Your assignment:
Transcribe every line below exactly; no image goes into the output.

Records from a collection
== Segment start ==

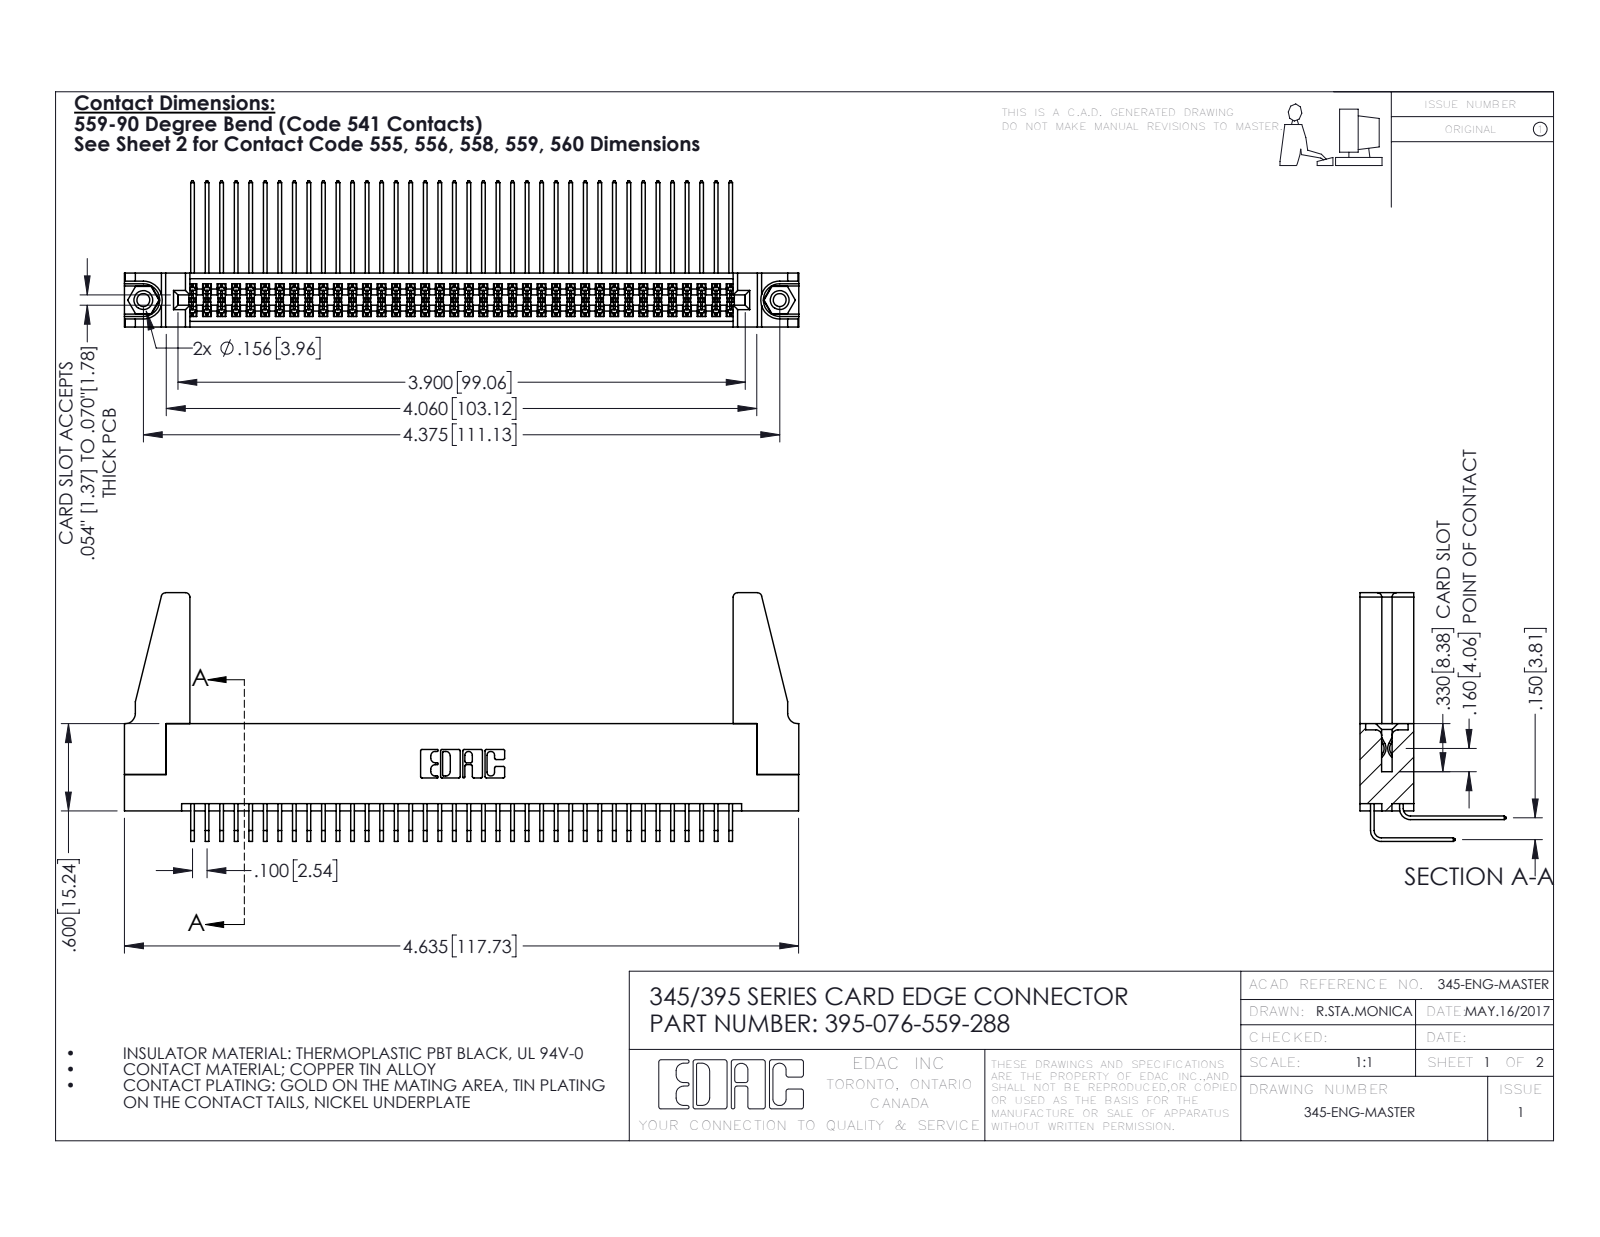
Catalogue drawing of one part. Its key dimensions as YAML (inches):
part_name: "345 Part_Flush Mounting Lugs - 0.156 Dia-TH; 395-076-559-288; 345-292-001_558 559 Tail - 1; 345-220-078_345-220-088 (+2 more)"
step_written_by: "SolidWorks 2016 (CONFIG_CONTROL_DESIGN)"
units: inches
bodies: {solids: 81, faces: 4202, planar: 2812, cylindrical: 1374, other: 16}
overall_size: [4.636, 1.709, 1.005]
volume: 0.921
surface_area: 35.04
round_holes:
  - {diameter: 0.089, count: 2}
  - {diameter: 0.125, count: 2}
  - {diameter: 0.156, count: 2}
  - {diameter: 0.064, count: 1}
round_bosses_or_shafts:
  - {diameter: 0.155, count: 2}
partial_cylinders:
  - {radius: 0.006, count: 114}
  - {radius: 0.01, count: 22}
  - {radius: 0.03, count: 8}
  - {radius: 0.007, count: 6}
  - {radius: 0.031, count: 6}
  - {radius: 0.026, count: 3}
  - {radius: 0.014, count: 2}
  - {radius: 0.019, count: 2}
face_to_face_distances: [0.072, 0.298, 0.37, 0.2, 0.098, 0.272, 0.025, 0.225, 0.175, 0.15]
hole_center_spacings: [0.27, 4.139, 4.375]
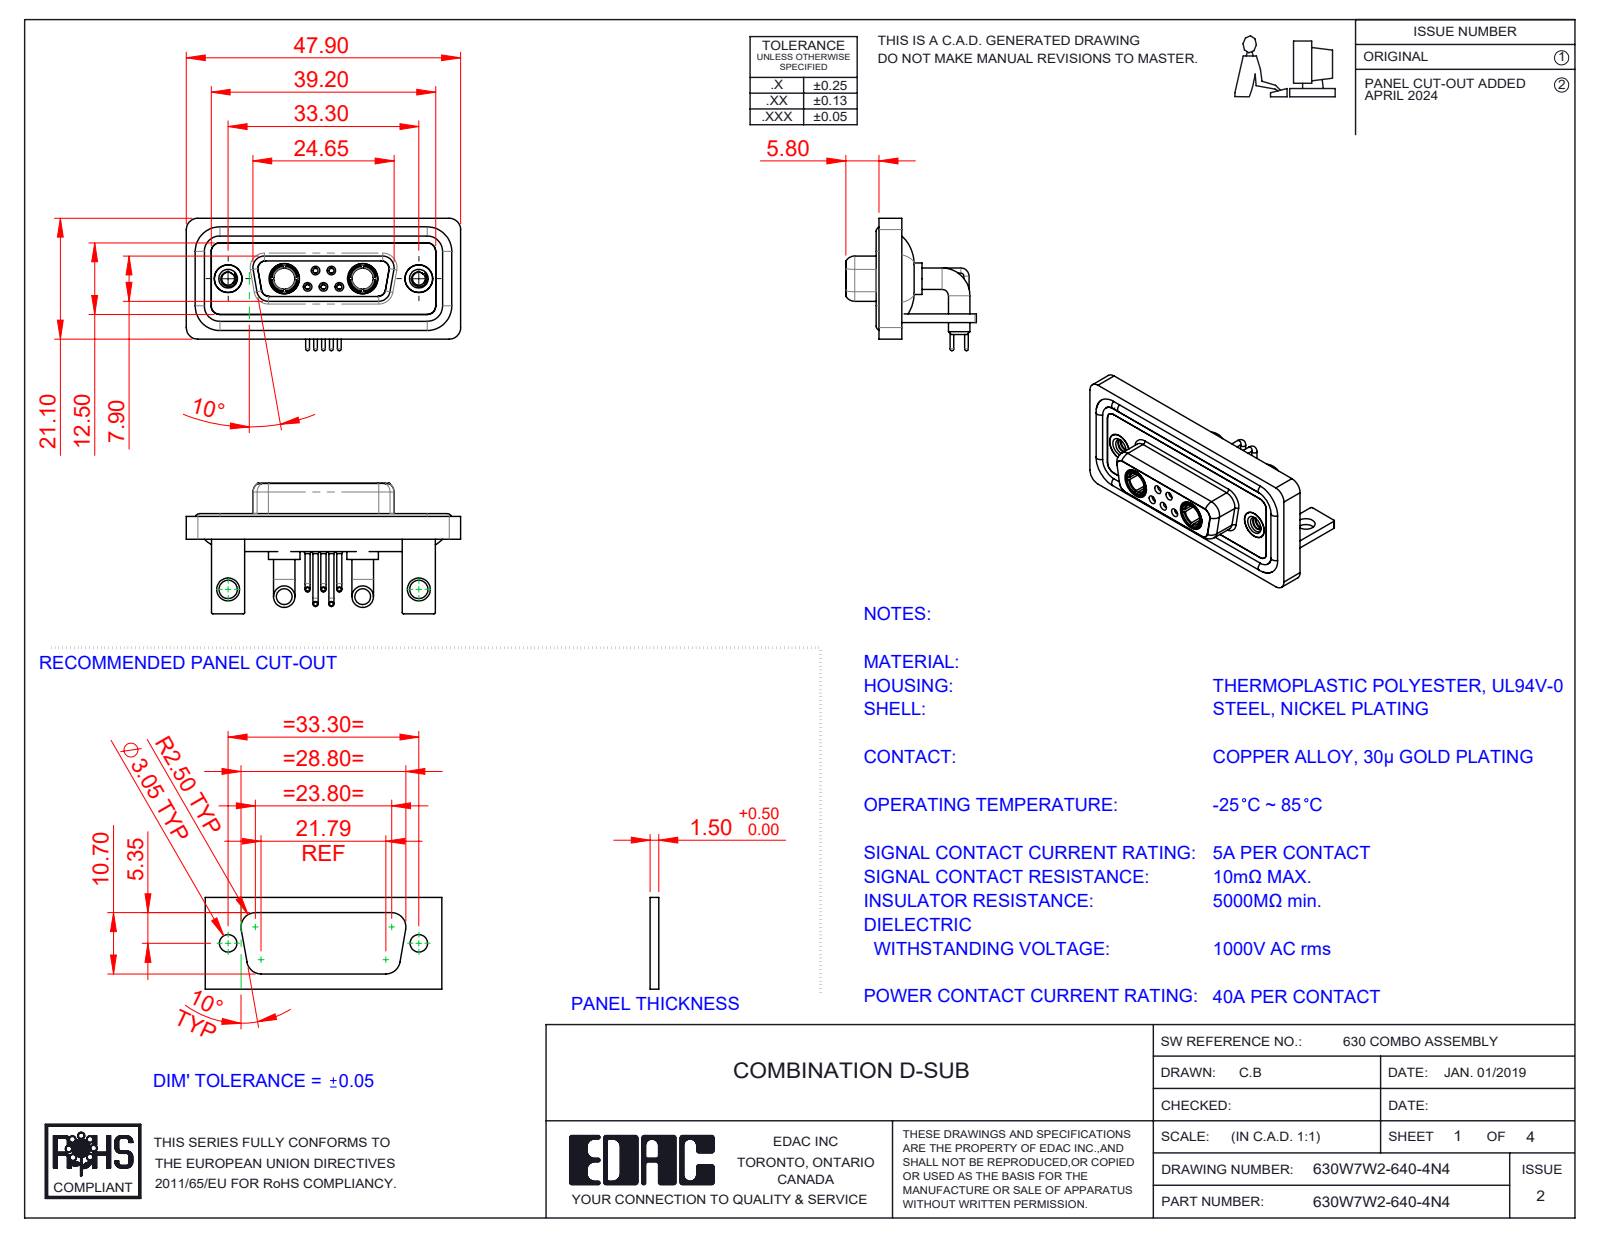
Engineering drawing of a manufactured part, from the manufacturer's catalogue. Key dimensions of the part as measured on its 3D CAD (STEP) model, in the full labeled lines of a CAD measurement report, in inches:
Part name (STEP PRODUCT): 630W7W2-640-4N4; 630Combo Contact Row 1_50 Contacts; 630Combo Housing_7W2; 630Combo Stabilizer Bracket_50 Contacts (+6 more)
STEP written by: SolidWorks 2023 (CONFIG_CONTROL_DESIGN)
Units: inches
Bodies: 18 solids, 855 faces (258 planar, 377 cylindrical, 220 other)
Overall size (bounding box): 1.886 × 0.91 × 0.898
Volume: 0.409 in³ · Surface area: 17.09 in²
Round holes (diameter × count): ⌀0.035 ×5, ⌀0.043 ×5, ⌀0.059 ×5, ⌀0.079 ×5, ⌀0.191 ×4, ⌀0.063 ×3, ⌀0.067 ×2, ⌀0.089 ×2, ⌀0.126 ×2, ⌀0.146 ×2, ⌀0.157 ×2, ⌀0.159 ×2
Round bosses / shafts (diameter × count): ⌀0.063 ×6, ⌀0.035 ×5, ⌀0.026 ×5, ⌀0.148 ×4, ⌀0.217 ×2, ⌀0.205 ×2, ⌀0.195 ×2, ⌀0.195 ×2
Partial cylindrical surfaces — rounded edges, fillets, slot ends (radius × count): R0.079 ×21, R0.059 ×18, R0.01 ×16, R0.053 ×12, R0.063 ×8, R0.02 ×5, R0.024 ×4, R0.026 ×4
Main face-to-face distances: 0.016, 0.114, 0.059, 0.071, 0.146, 0.043, 0.161, 0.063, 0.098, 0.055
Hole centre spacings: 0.124, 0.109, 0.386, 0.925, 1.311, 0.17, 0.17, 0.198
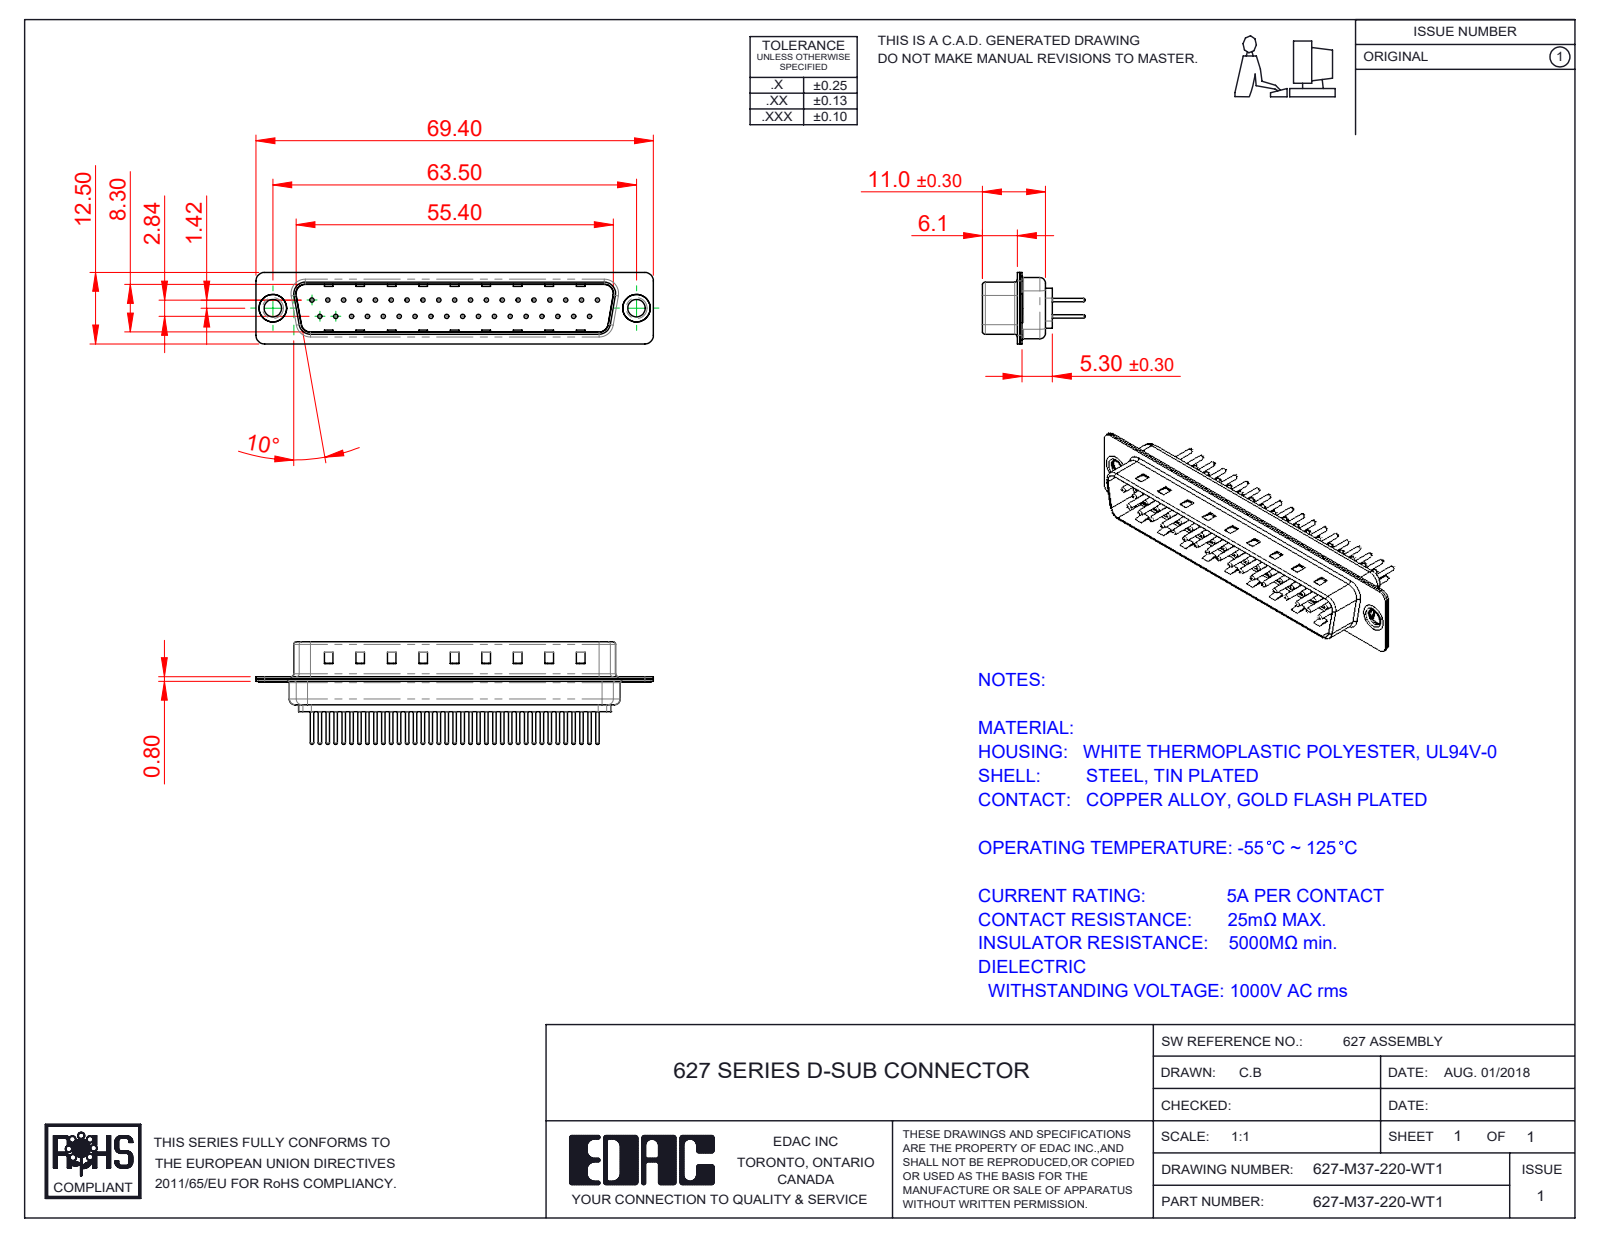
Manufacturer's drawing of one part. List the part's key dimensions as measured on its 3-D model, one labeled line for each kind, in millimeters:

== Segment end ==

Response to the exercise:
Catalogue drawing of one part. Its key dimensions as YAML (inches):
part_name: "345 Part_Flush Mounting Lugs - 0.156 Dia-TH; 395-076-559-288; 345-292-001_558 559 Tail - 1; 345-220-078_345-220-088 (+2 more)"
step_written_by: "SolidWorks 2016 (CONFIG_CONTROL_DESIGN)"
units: inches
bodies: {solids: 81, faces: 4202, planar: 2812, cylindrical: 1374, other: 16}
overall_size: [4.636, 1.709, 1.005]
volume: 0.921
surface_area: 35.04
round_holes:
  - {diameter: 0.089, count: 2}
  - {diameter: 0.125, count: 2}
  - {diameter: 0.156, count: 2}
  - {diameter: 0.064, count: 1}
round_bosses_or_shafts:
  - {diameter: 0.155, count: 2}
partial_cylinders:
  - {radius: 0.006, count: 114}
  - {radius: 0.01, count: 22}
  - {radius: 0.03, count: 8}
  - {radius: 0.007, count: 6}
  - {radius: 0.031, count: 6}
  - {radius: 0.026, count: 3}
  - {radius: 0.014, count: 2}
  - {radius: 0.019, count: 2}
face_to_face_distances: [0.072, 0.298, 0.37, 0.2, 0.098, 0.272, 0.025, 0.225, 0.175, 0.15]
hole_center_spacings: [0.27, 4.139, 4.375]
Engineering drawing of a manufactured part, from the manufacturer's catalogue. Key dimensions of the part as measured on its 3D CAD (STEP) model, in the full labeled lines of a CAD measurement report, in inches:
Part name (STEP PRODUCT): 630W7W2-640-4N4; 630Combo Contact Row 1_50 Contacts; 630Combo Housing_7W2; 630Combo Stabilizer Bracket_50 Contacts (+6 more)
STEP written by: SolidWorks 2023 (CONFIG_CONTROL_DESIGN)
Units: inches
Bodies: 18 solids, 855 faces (258 planar, 377 cylindrical, 220 other)
Overall size (bounding box): 1.886 × 0.91 × 0.898
Volume: 0.409 in³ · Surface area: 17.09 in²
Round holes (diameter × count): ⌀0.035 ×5, ⌀0.043 ×5, ⌀0.059 ×5, ⌀0.079 ×5, ⌀0.191 ×4, ⌀0.063 ×3, ⌀0.067 ×2, ⌀0.089 ×2, ⌀0.126 ×2, ⌀0.146 ×2, ⌀0.157 ×2, ⌀0.159 ×2
Round bosses / shafts (diameter × count): ⌀0.063 ×6, ⌀0.035 ×5, ⌀0.026 ×5, ⌀0.148 ×4, ⌀0.217 ×2, ⌀0.205 ×2, ⌀0.195 ×2, ⌀0.195 ×2
Partial cylindrical surfaces — rounded edges, fillets, slot ends (radius × count): R0.079 ×21, R0.059 ×18, R0.01 ×16, R0.053 ×12, R0.063 ×8, R0.02 ×5, R0.024 ×4, R0.026 ×4
Main face-to-face distances: 0.016, 0.114, 0.059, 0.071, 0.146, 0.043, 0.161, 0.063, 0.098, 0.055
Hole centre spacings: 0.124, 0.109, 0.386, 0.925, 1.311, 0.17, 0.17, 0.198
Manufacturer's drawing of one part. List the part's key dimensions as measured on its 3-D model, one labeled line for each kind, in millimeters:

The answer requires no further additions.